Back in the present, Charlie reveals that Beth had collected information on Pankot Petroleum, a corrupt Indian oil company, provided by Archie Rudd. Mike confronts Kent, who turns over a recording of another man ordering him to have Beth killed. Suddenly, Mick and Mac arrive and kill Kent, leading to Mac getting killed in friendly fire and Mike bludgeoning Mick with a fire extinguisher.

Pete ambushes Mike outside the building, but he kills him easily. Mike spares Fred by knocking him out and goes to the house of Kent's employer and an oil tycoon Atal Zim, where he kills Jane with her own katana and rejects Zim's bribery attempts and decapitates him.

Back at the Oasis, Mike confronts Milton and plays the rest of Kent's recording, revealing that Milton had ordered to kill Mike in the alleyway and assigned Mick, Mac, and Cliff to eliminate all loose ends. Enraged, Big Ray assaults Milton and Mike offers him a band-aid that Fred had developed for poisoning. Milton applies the bandage and slowly dies. Big Ray allows Mike to leave, but warns him to never return to Oasis. Mike leaves and vows to protect the city as a vigilante.

==Production==
The film went into production under Link Entertainment and Six Demon Films' management. Scott Adkins produced, wrote the screenplay, and stars in this comic-strip adaptation. Ashley Greene also joined the cast. In November 2016, a film adaptation went into production in London, directed by Jesse V. Johnson, with a screenplay written by Stu Small and Scott Adkins.

==Release==
The film was released on DVD, Blu-ray, and video on demand by Sony Pictures Home Entertainment on 6 February 2018 in the United States and on 16 April 2018 in the United Kingdom.

==Reception==

Fred Topel of We Live Entertainment wrote, "I certainly hope there are more Accident Man movies, but I always hope there are more Scott Adkins movies.

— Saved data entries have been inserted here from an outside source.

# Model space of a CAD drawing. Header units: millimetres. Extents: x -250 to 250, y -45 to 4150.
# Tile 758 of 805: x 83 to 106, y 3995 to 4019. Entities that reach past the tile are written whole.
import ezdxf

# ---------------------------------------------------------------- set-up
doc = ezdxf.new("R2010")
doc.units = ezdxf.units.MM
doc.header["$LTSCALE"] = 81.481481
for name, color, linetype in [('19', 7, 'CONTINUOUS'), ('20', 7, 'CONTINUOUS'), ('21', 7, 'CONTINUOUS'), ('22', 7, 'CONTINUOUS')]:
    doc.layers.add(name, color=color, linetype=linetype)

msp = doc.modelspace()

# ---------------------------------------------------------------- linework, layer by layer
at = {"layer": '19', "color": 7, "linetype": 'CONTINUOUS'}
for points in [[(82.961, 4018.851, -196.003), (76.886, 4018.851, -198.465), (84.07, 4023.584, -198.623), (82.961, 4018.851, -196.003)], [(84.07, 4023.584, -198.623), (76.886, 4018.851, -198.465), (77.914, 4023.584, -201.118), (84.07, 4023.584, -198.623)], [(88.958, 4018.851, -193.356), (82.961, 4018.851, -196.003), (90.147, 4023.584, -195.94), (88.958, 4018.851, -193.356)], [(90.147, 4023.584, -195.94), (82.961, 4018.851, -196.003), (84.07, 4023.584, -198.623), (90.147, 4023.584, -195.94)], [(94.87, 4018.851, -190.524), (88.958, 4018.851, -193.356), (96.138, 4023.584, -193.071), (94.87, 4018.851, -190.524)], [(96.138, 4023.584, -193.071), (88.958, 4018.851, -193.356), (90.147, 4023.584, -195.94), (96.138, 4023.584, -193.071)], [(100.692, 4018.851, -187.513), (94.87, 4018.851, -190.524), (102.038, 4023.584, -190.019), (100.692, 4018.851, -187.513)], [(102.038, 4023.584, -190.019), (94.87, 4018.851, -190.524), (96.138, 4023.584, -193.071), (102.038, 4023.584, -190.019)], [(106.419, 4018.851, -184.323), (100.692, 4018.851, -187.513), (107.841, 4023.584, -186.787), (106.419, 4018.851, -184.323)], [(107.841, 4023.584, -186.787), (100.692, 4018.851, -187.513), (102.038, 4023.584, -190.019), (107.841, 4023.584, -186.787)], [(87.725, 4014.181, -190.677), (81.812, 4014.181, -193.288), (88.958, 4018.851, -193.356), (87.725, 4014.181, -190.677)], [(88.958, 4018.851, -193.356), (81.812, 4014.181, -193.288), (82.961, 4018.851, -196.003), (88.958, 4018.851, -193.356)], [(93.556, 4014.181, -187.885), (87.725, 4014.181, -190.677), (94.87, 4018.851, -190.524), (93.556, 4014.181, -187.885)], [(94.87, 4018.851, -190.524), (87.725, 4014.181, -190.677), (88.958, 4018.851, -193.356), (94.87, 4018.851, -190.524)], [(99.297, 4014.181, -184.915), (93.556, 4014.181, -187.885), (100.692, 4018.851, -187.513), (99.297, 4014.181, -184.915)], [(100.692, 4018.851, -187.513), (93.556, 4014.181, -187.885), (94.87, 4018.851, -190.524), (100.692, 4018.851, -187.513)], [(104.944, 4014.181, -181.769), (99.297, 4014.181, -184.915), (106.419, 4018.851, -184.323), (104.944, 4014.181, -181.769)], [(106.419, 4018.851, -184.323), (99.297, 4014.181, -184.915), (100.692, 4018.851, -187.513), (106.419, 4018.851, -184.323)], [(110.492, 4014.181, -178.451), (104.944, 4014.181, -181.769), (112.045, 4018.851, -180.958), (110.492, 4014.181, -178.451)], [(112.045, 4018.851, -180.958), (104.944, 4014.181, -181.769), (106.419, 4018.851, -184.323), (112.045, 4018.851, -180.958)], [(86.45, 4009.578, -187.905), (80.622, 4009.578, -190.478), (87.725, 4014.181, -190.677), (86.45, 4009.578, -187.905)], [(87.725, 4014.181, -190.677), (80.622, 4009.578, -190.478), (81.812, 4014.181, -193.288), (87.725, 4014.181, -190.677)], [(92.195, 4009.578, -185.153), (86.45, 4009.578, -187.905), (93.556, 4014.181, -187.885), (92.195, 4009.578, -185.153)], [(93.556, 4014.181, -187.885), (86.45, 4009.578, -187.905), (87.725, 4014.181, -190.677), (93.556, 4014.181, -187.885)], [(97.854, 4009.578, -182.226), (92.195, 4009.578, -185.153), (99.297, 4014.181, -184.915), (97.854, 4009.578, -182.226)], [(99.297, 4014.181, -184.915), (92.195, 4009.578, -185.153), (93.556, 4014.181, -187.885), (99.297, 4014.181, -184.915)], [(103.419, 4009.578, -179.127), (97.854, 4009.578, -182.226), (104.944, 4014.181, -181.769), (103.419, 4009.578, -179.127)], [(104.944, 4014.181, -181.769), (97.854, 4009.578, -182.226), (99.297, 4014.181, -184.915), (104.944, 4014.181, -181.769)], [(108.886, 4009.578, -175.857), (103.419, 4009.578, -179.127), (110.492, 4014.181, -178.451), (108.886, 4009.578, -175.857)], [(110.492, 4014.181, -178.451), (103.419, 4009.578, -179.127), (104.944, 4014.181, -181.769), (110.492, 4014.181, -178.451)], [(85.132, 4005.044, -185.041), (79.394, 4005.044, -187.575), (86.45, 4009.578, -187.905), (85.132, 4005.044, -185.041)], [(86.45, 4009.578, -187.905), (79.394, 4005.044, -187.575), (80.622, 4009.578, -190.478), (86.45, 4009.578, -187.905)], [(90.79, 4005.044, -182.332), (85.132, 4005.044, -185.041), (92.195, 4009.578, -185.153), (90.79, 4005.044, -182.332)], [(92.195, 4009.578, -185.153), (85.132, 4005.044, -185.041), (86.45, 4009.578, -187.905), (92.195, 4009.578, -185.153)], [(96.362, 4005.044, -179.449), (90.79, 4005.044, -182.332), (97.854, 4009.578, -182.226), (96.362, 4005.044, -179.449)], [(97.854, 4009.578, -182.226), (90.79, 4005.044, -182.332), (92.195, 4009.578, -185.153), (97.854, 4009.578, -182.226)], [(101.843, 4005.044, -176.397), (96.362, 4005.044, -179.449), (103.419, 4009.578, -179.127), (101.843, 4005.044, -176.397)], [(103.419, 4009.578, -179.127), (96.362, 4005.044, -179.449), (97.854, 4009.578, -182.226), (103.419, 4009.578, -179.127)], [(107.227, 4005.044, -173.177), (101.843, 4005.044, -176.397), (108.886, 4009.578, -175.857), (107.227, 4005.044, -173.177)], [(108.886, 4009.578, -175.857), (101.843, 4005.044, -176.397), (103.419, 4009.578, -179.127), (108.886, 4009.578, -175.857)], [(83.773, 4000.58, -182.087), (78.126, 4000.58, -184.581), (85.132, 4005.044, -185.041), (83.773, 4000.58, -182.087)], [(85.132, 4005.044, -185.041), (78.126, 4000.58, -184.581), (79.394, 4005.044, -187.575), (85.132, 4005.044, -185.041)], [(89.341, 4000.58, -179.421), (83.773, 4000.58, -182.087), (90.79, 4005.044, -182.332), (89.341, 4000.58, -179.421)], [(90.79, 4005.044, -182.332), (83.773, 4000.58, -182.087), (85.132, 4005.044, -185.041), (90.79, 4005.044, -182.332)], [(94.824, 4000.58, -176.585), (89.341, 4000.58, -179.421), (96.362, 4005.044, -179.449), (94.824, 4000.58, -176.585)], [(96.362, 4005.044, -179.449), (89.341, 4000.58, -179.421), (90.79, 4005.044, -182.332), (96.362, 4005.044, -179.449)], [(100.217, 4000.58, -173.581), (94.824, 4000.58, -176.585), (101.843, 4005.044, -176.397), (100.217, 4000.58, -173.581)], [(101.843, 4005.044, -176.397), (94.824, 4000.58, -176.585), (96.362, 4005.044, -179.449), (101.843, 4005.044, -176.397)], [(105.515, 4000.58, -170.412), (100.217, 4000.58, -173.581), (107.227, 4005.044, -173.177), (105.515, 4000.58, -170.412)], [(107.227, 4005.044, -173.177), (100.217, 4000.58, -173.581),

This is certainly a fun universe for him to play in, and we could see Fallon cause more accidents and fight more rejects of the Oasis." Sol Harris of Starburst wrote: "For all its flaws, Accident Man ultimately succeeds on the charms of its cast and by successfully landing jokes and punches in tandem."

==Sequel==
In March 2019, Johnson confirmed that Sony had approved the development of Accident Man 2 and that Smalls was writing a script.

In November 2021, the film went into production in Malta, directed by the Kirby brothers (George and Harry), and also with a screenplay written by Small and Adkins.

Accident Man: Hitman's Holiday was released on 14 October 2022 in select theatres and on video on demand. Reviews were generally positive.